The result: Savings of several tons of copper and nickel anodes. No additional precipitation of unnecessarily deposited metal in the wastewater plant due to demetallization, which ultimately causes the expensive disposal of metal sludge and the consumption of wastewater chemicals.
Drip nose bubble metal buds
PVC plastisols are highly viscous mixtures in the manufacturing process that also contain solvents. Due to this high viscosity, care must be taken when insulating that the speed at which the electroplating points are extended is not too high, so that no air pockets or drip bubbles are formed. The surface tension of the plastisol must be set as low as possible. The air inclusions can then be pickled and form metal buds on the rack contacts at an early stage, which impair the service life of the electroplating racks. To avoid this, the patented Rackstar coating process does not use any solvents. Figure 8 shows the fault patterns, Table 4 the properties of the Rackstar variants.

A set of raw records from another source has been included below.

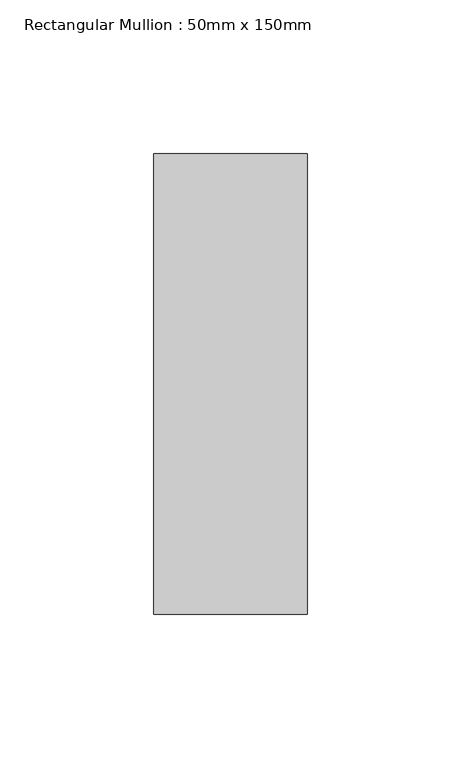
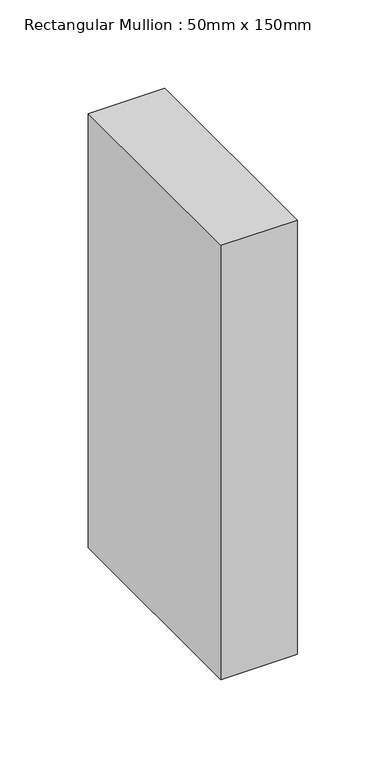
"""IFC4 building model written with IfcOpenShell, lengths in millimetres: member geometry, Rectangular Mullion : 50mm x 150mm."""

from ifc_helpers import new_model, si_unit, frame, origin, place, context, project, spatial, polyline, outline, extrude, source, transform, mapped, element, save


def rectangular_mullion_50mm_x_150mm_82697a32(model_context):
    return source(origin(), model_context, "Body", "SweptSolid", [
        extrude(outline(polyline([(0.0, 75.0), (0.0, -75.0), (-50.0, -75.0), (-50.0, 75.0), (0.0, 75.0)])), frame((0.0, 0.0, -300.0), z_axis=(0.0, 0.0, 1.0), x_axis=(1.0, 0.0, 0.0)), (0.0, 0.0, 1.0), 300.0),
    ])


if __name__ == "__main__":
    model = new_model("IFC4")
    model_context = context("Model", 3, world=origin())
    ifc_project = project(units=[si_unit("LENGTHUNIT", "METRE", prefix="MILLI")], contexts=[model_context])
    site = spatial("IfcSite", under=ifc_project)
    building = spatial("IfcBuilding", under=site)
    placement = place(None, origin())
    rectangular_mullion_50mm_x_150mm_shape = rectangular_mullion_50mm_x_150mm_82697a32(model_context)
    element("IfcMember", 1, ObjectType="Rectangular Mullion : 50mm x 150mm", at=placement, inside=building, context=model_context, shape_type="MappedRepresentation", body=[
        mapped(rectangular_mullion_50mm_x_150mm_shape, transform((0.0, 0.0, 0.0), x_axis=(1.0, 0.0, 0.0), y_axis=(0.0, 1.0, 0.0), z_axis=(0.0, 0.0, 1.0))),
    ])
    save(model, "model.ifc")

# Revit data of these elements
# Type "Rectangular Mullion : 50mm x 150mm"
#   built-in parameter 1007304 = 0.492126 (stored number, unit not read)
#   built-in parameter 1007301 = 0.082021 (stored number, unit not read)
#   built-in parameter 1007300 = 0.082021 (stored number, unit not read)
# Element 1 (IfcMember, "Rectangular Mullion : 50mm x 150mm")
#   Materials on its faces: "Aluminum"
# Materials
#   "Aluminum": class "Metal", colour RGB 244 244 244, transparency 0, Description = "Aluminum 6061", Cost = 0

Fig. 7: Contacting left before and right after coating
Tab. 4: Properties of Rackstar variants
Summary
Fig. 8: Top left: Drip noses; top right: Rackstar Premium in comparison; bottom left: Metal buds; bottom right: Air entrapment in the Plastisol The innovative Rackstar rack insulation systems meet the current requirements of the EU regulation. Specialist companies and coaters still have the option of coating plastics, but in future with the help of Cr(VI)-free processes that can be easily and simply integrated into existing systems. Various pre-treatment processes are no longer required. The different Rackstar variants offer optimum properties and thus provide a real alternative with PVC plastisols, which also enables the electroplating of 2K blanks. Ultrasonic technology supports the coating of multi-component plastics by blasting off build-up colloids on the PC component and on innovative rack insulation systems in the nucleation process. The use of fluoropolymers extends the service life of the frames. They not only offer high thermal and chemical resistance, but also additional aspects such as the integration of an early warning system. This helps the specialist personnel at the electroplating plant to check the absorption barrier. Thanks to the intact absorption barrier, significantly less manganese is consumed and it stabilizes the Cr(VI)-free pickling process. Metal savings on the rack contact reduce resources, while at the same time less metal sludge is produced in the waste water system and the consumption of waste water chemicals is reduced. This also reduces the burden on the environment. We can be confident that fluoropolymer alloys will become increasingly important for future key technologies.